# Go to the VA for PTSD treatment, get your junk fondled.  Seems legit!



## Marauder06 (Jul 10, 2015)

This is disgusting:



> According to a source close to one of the victims, Wisner specifically targeted veterans who were suffering from post-traumatic stress or otherwise seemed to be in a place of vulnerability. The source, who asked to remain anonymous, said, “In one instance, he reviewed a male veteran’s medical records without authorization, discovered he had disclosed childhood sexual trauma to his therapist in an earlier appointment, and then proceeded to molest him multiple times under the guise of a testicular examination that turned out to be completely medically irrelevant.


----------



## Il Duce (Jul 10, 2015)

Unbelievable


----------



## ZmanTX (Jul 11, 2015)

That is absolutely disgusting. They go to get help and that shit happens...


----------



## Ooh-Rah (Jul 11, 2015)

Real nice Kansas City, real nice.  This whole story brings out more anger and disgust in me than I have felt for a very long time.


----------



## Teufel (Jul 11, 2015)

Not a lot of people know this but I was hospitalized in 2006 after an IED strike earned me an all expenses paid vacation to Landstuhl, Germany.  What can I say, the Marine Corps has been good to me.  I met a young Marine in my travels there who revealed to me that he had been circumcised after he was wounded.  He was shot in the leg.  No, not up in the groin region.
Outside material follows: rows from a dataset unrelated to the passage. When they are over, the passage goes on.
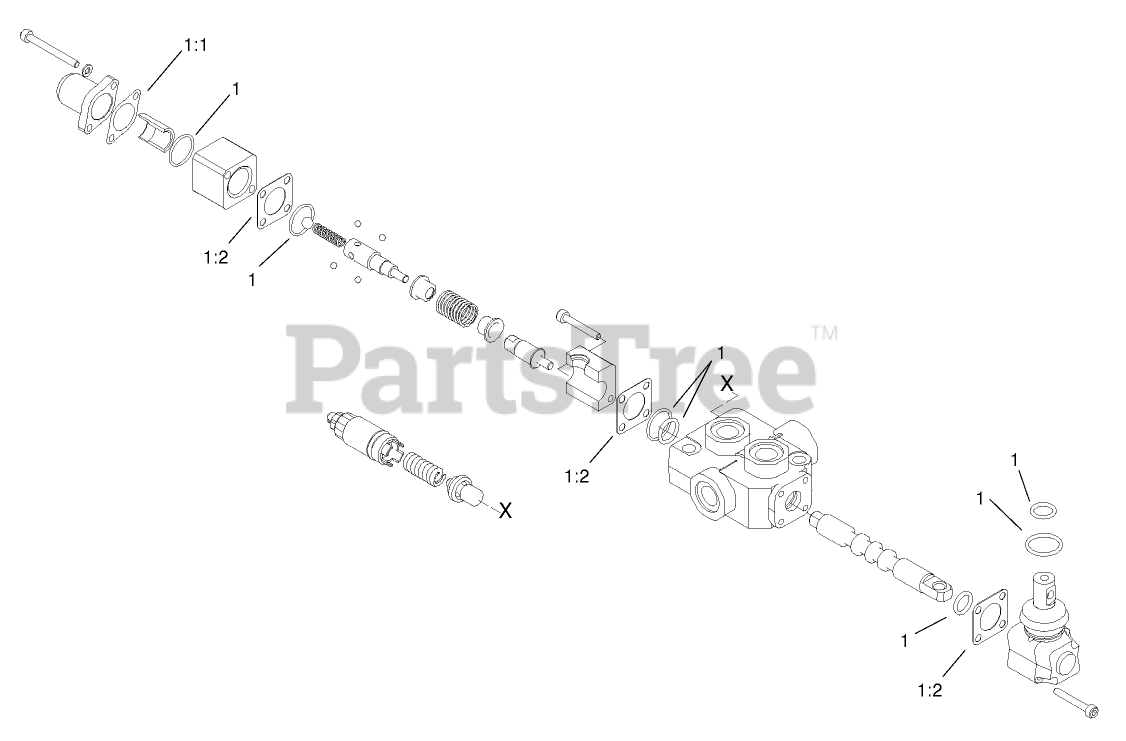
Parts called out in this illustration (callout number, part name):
1	SEAL KIT
1:1	GASKET
1:2	GASKET
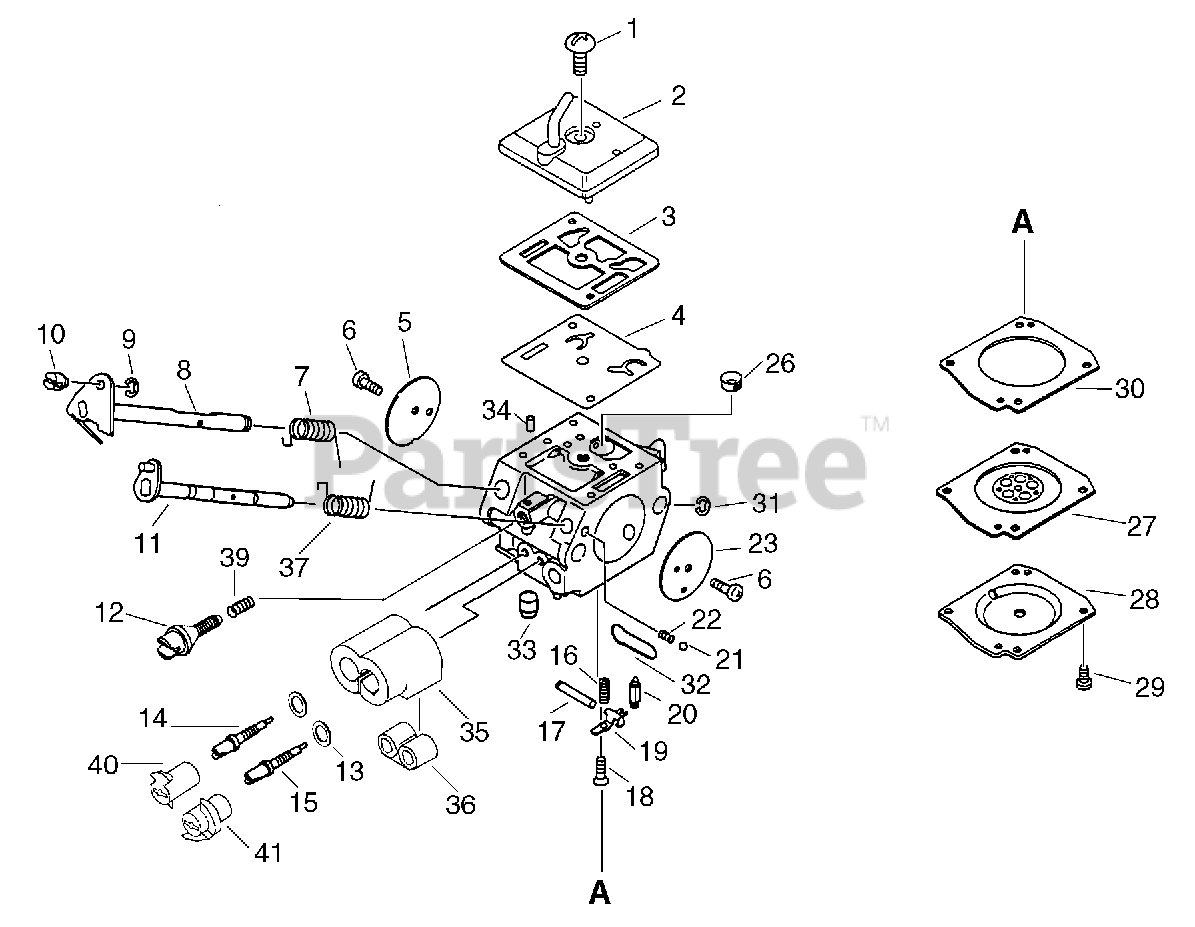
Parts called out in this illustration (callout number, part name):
2	COVER, PUMP
3	GASKET, PUMP
4	DIAPHRAGM, PUMP
5	VALVE, THROTTLE
6	SCREW 3×4.5
7	SPRING, THROTTLE RETURN
8	SHAFT ASSY, THROTTLE
10	SWIVEL
11	SHAFT, CHOKE
12	SCREW, THROTTLE ADJUST
14	SCREW, IDLE ADJUST
15	SCREW, MAIN ADJUST
16	SPRING, COIL
17	PIN, METERING LEVER
19	LEVER, METERING
20	VALVE, INLET NEEDLE
21	BALL, CHOKE
22	SPRING, THROTTLE FRICTION
23	VALVE, CHOKE
26	STRAINER
27	DIAPHRAGM
28	COVER, DIAPHRAGM
30	GASKET, METERING DIAPHRAGM
32	PLUG, WELCH
33	NOZZLE, CHECK VALVE
34	PIECE, FRICTION
35	CAP, LIMITER
36	SCREW, ADJUSTER
37	SPRING, CHOKE RETURN
39	SPRING, IDLE ADJUST
40	CAP, LIMITER
41	CAP, LIMITER
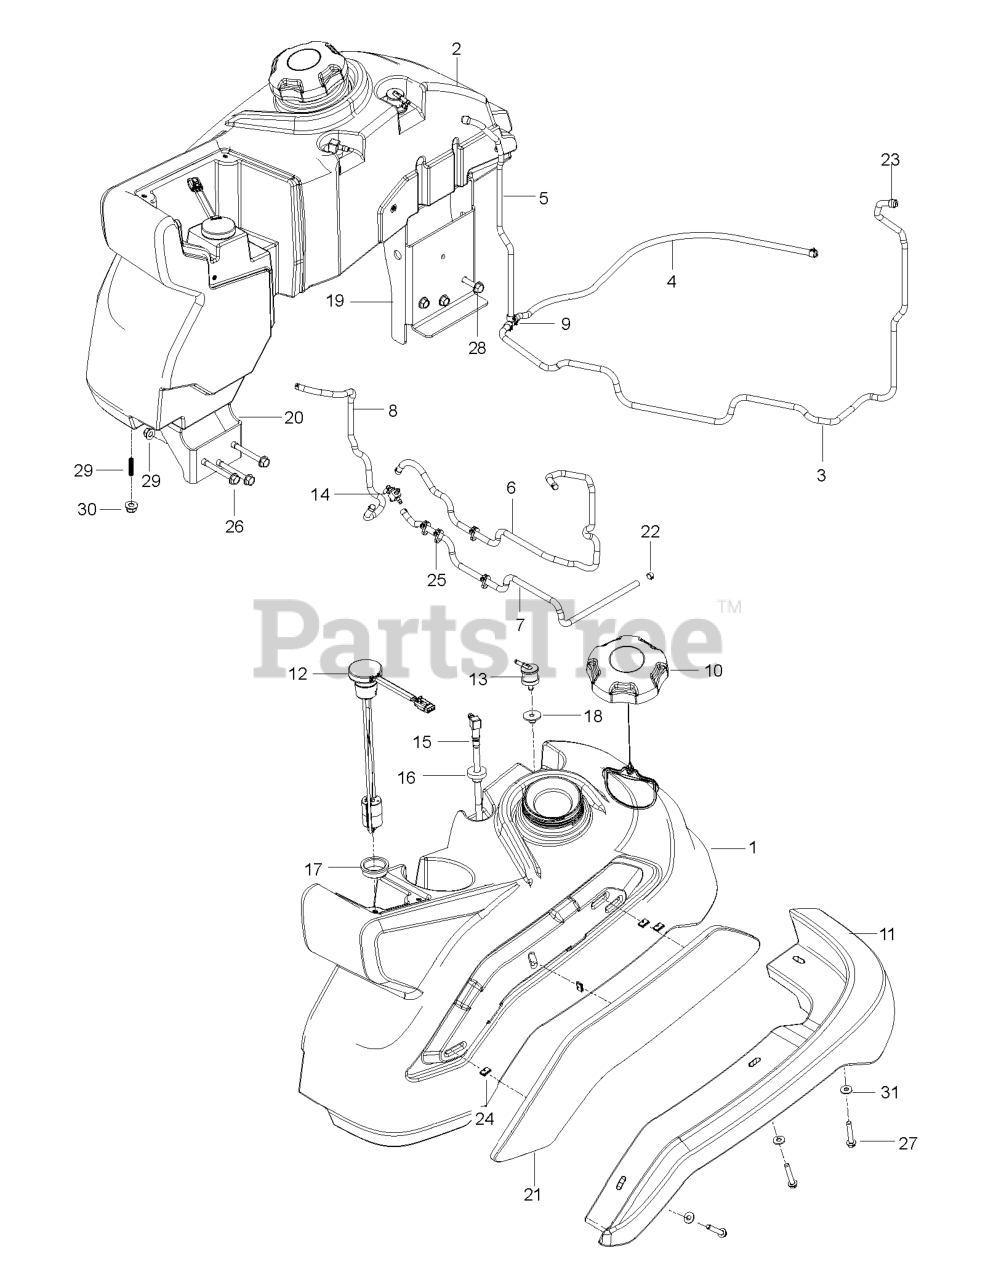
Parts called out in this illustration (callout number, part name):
1	FUEL.TANK.ASM.LH.PZ.REFRESH.18
2	FUEL.TANK.ASM.RH.PZ.REFRESH.18
3	HOSE.3/16".VAPOR.LINE.50"LGTH
4	HOSE 3/16" VAPOR LINE 11" LENG
5	HOSE.3/16".VAPOR.LINE.17"LGTH
6	HOSE 1/4" LOW PERMEATION FUEL
7	HOSE 1/4" LOW PERMEATION FUEL
8	HOSE.1/4".LOW.PERM.FUEL.LN.24"
9	TEE, FUEL LINE 3/16"
10	CAP, FUEL
11	GUARD.MUD.RH
11	GUARD.MUD.LH
12	SENSOR.FUEL.LVL.FLOAT.V500
13	VALVE.FUEL.CHECK
14	FUEL VALVE
15	TUBE.ASM.FUEL.TANK.PICK-UP.LH
15	TUBE.ASM.FUEL.TANK.PICK-UP.RH
16	BUSHING OUTLET T
17	GROMMET, FUEL SENSOR
18	GROMMET.CHECK.FUEL
19	BRACKET.FUEL.TANK.REAR.SUP.431
20	BRACKET.FUEL.TANK.REAR.SUP.431
21	COVER.LH.FUEL.TANK/CONSOLE APP
21	COVER.RH.FUEL.TANK/CONSOLE APP
22	HOSE CLAMP
23	CLAMP, HOSE
24	CLIP.U-TYPE
25	TIE WRAP, 8-3/8", W/CLIP
26	BOLT HEX FLGHD 5/16-18X3 GR. 5
27	SCREW.1/4-20X1.5IN.HEX.MACH
28	SCREW
29	SCREW.5/16-18X1.25"THREADED
30	5/16-18 NYLOC FLANGE NUT
31	WASHER

You can imagine the awkward conversation that ensued.  He was shot in the leg by the insurgents and then the Navy went ahead and upped the ante by snipping his penis.  No idea why.  I ended up getting him 10% disability for that.  Not that circumcising a penis means you are disabled but you should probably get paid for it if it happens to you and you didn't want it.  Best quote from Navy medicine was, "Are you sure it wasn't like that before???"


----------



## CDG (Jul 11, 2015)

Jesus christ.......  What a sick fuck.


----------



## Viper1 (Jul 11, 2015)

Horrifying.  That is awful...even more awful the hospital allowed him to move and keep practicing after information from the police.


----------



## Grunt (Jul 11, 2015)

It's repulsive stories like this one that lets you know that "predators" operate in any and every environment...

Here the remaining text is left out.